### [INFORMATION SUPPLIED]
────────────────────────────────────────
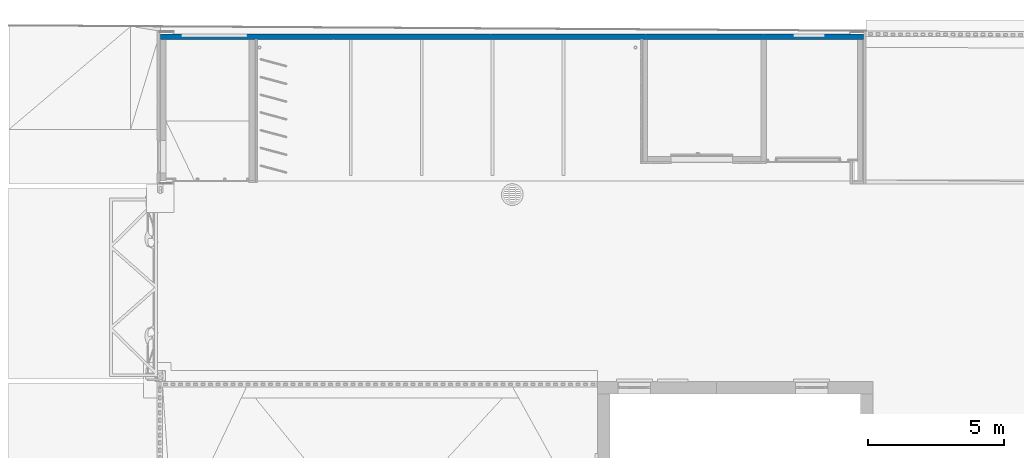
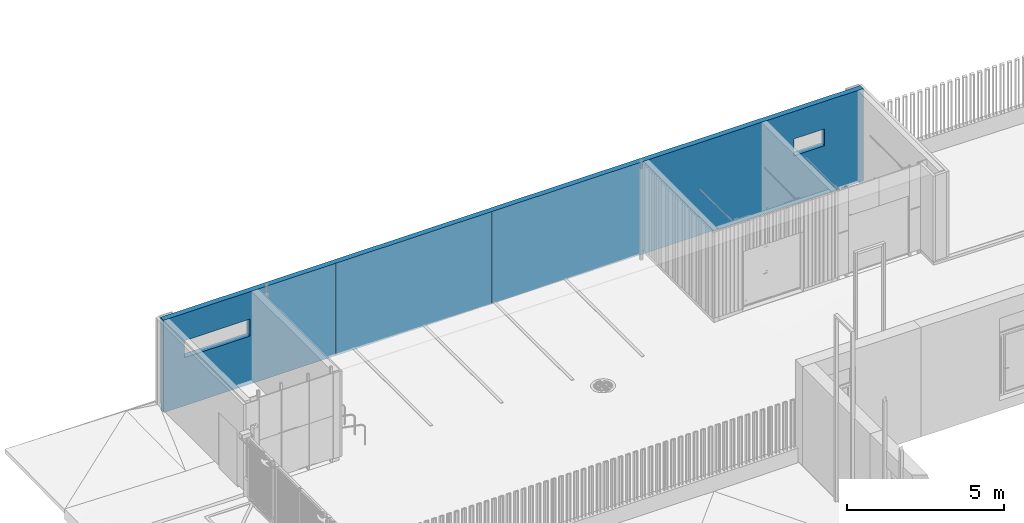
# One storey, part 37 of 77: 1 wall, 9 openings.
"""IFC2X3 building model written with IfcOpenShell, lengths in millimetres."""

from ifc_helpers import new_model, entity, si_unit, converted_unit, derived_unit, direction, frame, frame_2d, origin, origin_2d_with_axis, place, context, subcontext, project, spatial, rectangle, extrude, material, layer, layer_set, layer_usage, type_object, element, save


model = new_model("IFC2X3")

# Units and contexts
model_context = context("Model", 3, precision=0.01, world=origin(), true_north=direction((6.12303176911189e-17, 1.0)))
body_context = subcontext(model_context, "Body", "Model", "MODEL_VIEW")
ifc_project = project(units=[si_unit("LENGTHUNIT", "METRE", prefix="MILLI"), si_unit("AREAUNIT", "SQUARE_METRE"), si_unit("VOLUMEUNIT", "CUBIC_METRE"), converted_unit("PLANEANGLEUNIT", "DEGREE", entity("IfcRatioMeasure", 0.0174532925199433), si_unit("PLANEANGLEUNIT", "RADIAN"), dimensions=[0, 0, 0, 0, 0, 0, 0]), si_unit("MASSUNIT", "GRAM", prefix="KILO"), derived_unit("MASSDENSITYUNIT", [(si_unit("MASSUNIT", "GRAM", prefix="KILO"), 1), (si_unit("LENGTHUNIT", "METRE"), -3)]), si_unit("TIMEUNIT", "SECOND"), si_unit("FREQUENCYUNIT", "HERTZ"), si_unit("THERMODYNAMICTEMPERATUREUNIT", "DEGREE_CELSIUS"), derived_unit("THERMALTRANSMITTANCEUNIT", [(si_unit("MASSUNIT", "GRAM", prefix="KILO"), 1), (si_unit("THERMODYNAMICTEMPERATUREUNIT", "KELVIN"), -1), (si_unit("TIMEUNIT", "SECOND"), -3)]), derived_unit("VOLUMETRICFLOWRATEUNIT", [(si_unit("LENGTHUNIT", "METRE"), 3), (si_unit("TIMEUNIT", "SECOND"), -1)]), si_unit("ELECTRICCURRENTUNIT", "AMPERE"), si_unit("ELECTRICVOLTAGEUNIT", "VOLT"), si_unit("POWERUNIT", "WATT"), si_unit("FORCEUNIT", "NEWTON", prefix="KILO"), si_unit("ILLUMINANCEUNIT", "LUX"), si_unit("LUMINOUSFLUXUNIT", "LUMEN"), si_unit("LUMINOUSINTENSITYUNIT", "CANDELA"), derived_unit("USERDEFINED", [(si_unit("MASSUNIT", "GRAM", prefix="KILO"), -1), (si_unit("LENGTHUNIT", "METRE"), -2), (si_unit("TIMEUNIT", "SECOND"), 3), (si_unit("LUMINOUSFLUXUNIT", "LUMEN"), 1)]), derived_unit("LINEARVELOCITYUNIT", [(si_unit("LENGTHUNIT", "METRE"), 1), (si_unit("TIMEUNIT", "SECOND"), -1)]), si_unit("PRESSUREUNIT", "PASCAL"), derived_unit("USERDEFINED", [(si_unit("LENGTHUNIT", "METRE"), -2), (si_unit("MASSUNIT", "GRAM", prefix="KILO"), 1), (si_unit("TIMEUNIT", "SECOND"), -2)])], contexts=[model_context])

# Site, building, storey
site_placement = place(None, origin())
site = spatial("IfcSite", under=ifc_project, at=site_placement, Name="Default", CompositionType="ELEMENT")
building_placement = place(site_placement, origin())
building = spatial("IfcBuilding", under=site, at=building_placement, CompositionType="ELEMENT")
storey_placement = place(building_placement, origin())
storey = spatial("IfcBuildingStorey", under=building, at=storey_placement, Name="1. KORRUS", CompositionType="ELEMENT", Elevation=0.0)

# Wall, openings
ifc_material_1 = material(Name="RECKLI 1 173 THUR by Polantis 2016-toon3")
ifc_layer_1 = layer(ifc_material_1, 30.0)
ifc_material_2 = material(Name="Default New Material(1)")
ifc_layer_2 = layer(ifc_material_2, 170.0)
ifc_layer_set = layer_set([ifc_layer_1, ifc_layer_2], Name="Basic Wall:VS-10_rb200_terracota")
ifc_layer_usage = layer_usage(ifc_layer_set, "AXIS2", "NEGATIVE", 100.0)
wall_type = type_object("IfcWallType", Name="Basic Wall:VS-10_rb200_terracota", PredefinedType="STANDARD", material=ifc_layer_set)
wall_placement = place(storey_placement, frame((-16475.2351867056, 40700.0994344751, -200.0)))
wall = element("IfcWallStandardCase", 1, at=wall_placement, inside=storey, type_object=wall_type, material=ifc_layer_usage, Name="Basic Wall:VS-10_rb200_terracota", ObjectType="Basic Wall:VS-10_rb200_terracota", context=body_context, shape_type="SweptSolid", body=[
    extrude(rectangle(XDim=25775.0, YDim=200.000000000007, at=frame_2d((12887.5, 0.0), x_axis=(-1.0, 0.0))), origin(), (0.0, 0.0, 1.0), 3600.0),
])
opening_1_placement = place(wall_placement, origin())
element("IfcOpeningElement", 2, at=opening_1_placement, cuts=wall, Name="Basic Wall:VS-10_rb200_terracota", ObjectType="Recess", context=body_context, shape_type="SweptSolid", body=[
    extrude(rectangle(XDim=400.0, YDim=25775.0, at=frame_2d((0.0, 0.0), x_axis=(0.0, 1.0))), frame((12887.5, 80.0, 50.0), z_axis=(0.0, 1.0, 0.0), x_axis=(1.0, 0.0, 0.0)), (0.0, 0.0, 1.0), 20.0000000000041),
])
opening_2_placement = place(wall_placement, origin())
element("IfcOpeningElement", 3, at=opening_2_placement, cuts=wall, Name="Basic Wall:VS-10_rb200_terracota", ObjectType="Recess", context=body_context, shape_type="SweptSolid", body=[
    extrude(rectangle(XDim=3600.0, YDim=15.9999999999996, at=origin_2d_with_axis()), frame((22120.0051867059, 80.0, 1800.0), z_axis=(0.0, 1.0, 0.0), x_axis=(0.0, 0.0, 1.0)), (0.0, 0.0, 1.0), 20.0000000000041),
])
opening_3_placement = place(wall_placement, origin())
element("IfcOpeningElement", 4, at=opening_3_placement, cuts=wall, Name="Basic Wall:VS-10_rb200_terracota", ObjectType="Recess", context=body_context, shape_type="SweptSolid", body=[
    extrude(rectangle(XDim=3600.0, YDim=15.9999999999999, at=frame_2d((0.0, -1.35447209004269e-13), x_axis=(1.0, 0.0))), frame((17769.997856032, 80.0, 1800.0), z_axis=(0.0, 1.0, 0.0), x_axis=(0.0, 0.0, 1.0)), (0.0, 0.0, 1.0), 20.0000000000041),
])
opening_4_placement = place(wall_placement, origin())
element("IfcOpeningElement", 5, at=opening_4_placement, cuts=wall, Name="Basic Wall:VS-10_rb200_terracota", ObjectType="Recess", context=body_context, shape_type="SweptSolid", body=[
    extrude(rectangle(XDim=3600.0, YDim=16.0000000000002, at=frame_2d((0.0, 2.70450328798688e-13), x_axis=(1.0, 0.0))), frame((12082.0008264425, 80.0, 1800.0), z_axis=(0.0, 1.0, 0.0), x_axis=(0.0, 0.0, 1.0)), (0.0, 0.0, 1.0), 20.0000000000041),
])
opening_5_placement = place(wall_placement, origin())
element("IfcOpeningElement", 6, at=opening_5_placement, cuts=wall, Name="Basic Wall:VS-10_rb200_terracota", ObjectType="Recess", context=body_context, shape_type="SweptSolid", body=[
    extrude(rectangle(XDim=3600.0, YDim=16.0000000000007, at=origin_2d_with_axis()), frame((6341.00082644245, 80.0, 1800.0), z_axis=(0.0, 1.0, 0.0), x_axis=(0.0, 0.0, 1.0)), (0.0, 0.0, 1.0), 20.0000000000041),
])
opening_6_placement = place(wall_placement, origin())
element("IfcOpeningElement", 7, at=opening_6_placement, cuts=wall, Name="Basic Wall:VS-10_rb200_terracota", ObjectType="Recess", context=body_context, shape_type="SweptSolid", body=[
    extrude(rectangle(XDim=3600.0, YDim=16.0000000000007, at=frame_2d((0.0, 1.08268949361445e-12), x_axis=(1.0, 0.0))), frame((6340.31089902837, -100.0, 1800.0), z_axis=(0.0, 1.0, 0.0), x_axis=(0.0, 0.0, -1.0)), (0.0, 0.0, 1.0), 20.0000000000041),
])
opening_7_placement = place(wall_placement, origin())
element("IfcOpeningElement", 8, at=opening_7_placement, cuts=wall, Name="Basic Wall:VS-10_rb200_terracota", ObjectType="Recess", context=body_context, shape_type="SweptSolid", body=[
    extrude(rectangle(XDim=3600.0, YDim=16.0000000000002, at=frame_2d((0.0, -2.70450328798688e-13), x_axis=(1.0, 0.0))), frame((12081.703389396, -100.0, 1800.0), z_axis=(0.0, 1.0, 0.0), x_axis=(0.0, 0.0, -1.0)), (0.0, 0.0, 1.0), 20.0000000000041),
])
opening_8_placement = place(wall_placement, frame((770.0, -100.0, 1872.0)))
element("IfcOpeningElement", 9, at=opening_8_placement, cuts=wall, Name="vent-rest2:2400x660:1", ObjectType="Opening", context=body_context, shape_type="SweptSolid", body=[
    extrude(rectangle(XDim=659.999999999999, YDim=2400.0, at=frame_2d((330.0, 1200.0), x_axis=(-1.0, 0.0))), frame((0.0, 0.0, 0.0), z_axis=(0.0, 1.0, 0.0), x_axis=(0.0, 0.0, 1.0)), (0.0, 0.0, 1.0), 200.0),
])
opening_9_placement = place(wall_placement, frame((23211.7593711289, -100.0, 1872.0)))
element("IfcOpeningElement", 10, at=opening_9_placement, cuts=wall, Name="vent-rest2:1127x660:1", ObjectType="Opening", context=body_context, shape_type="SweptSolid", body=[
    extrude(rectangle(XDim=659.999999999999, YDim=1127.0, at=frame_2d((330.0, 563.500000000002), x_axis=(-1.0, 0.0))), frame((0.0, 0.0, 0.0), z_axis=(0.0, 1.0, 0.0), x_axis=(0.0, 0.0, 1.0)), (0.0, 0.0, 1.0), 200.0),
])

save(model, "model.ifc")
────────────────────────────────────────
### [ABOUT THIS TASK]
Set down the records above exactly as written, beginning with the first line and ending with the line that contains "building model written", and do not include pictures.

### [SOLUTION TO THE EXERCISE]
# One storey, part 37 of 77: 1 wall, 9 openings.
"""IFC2X3 building model written with IfcOpenShell, lengths in millimetres."""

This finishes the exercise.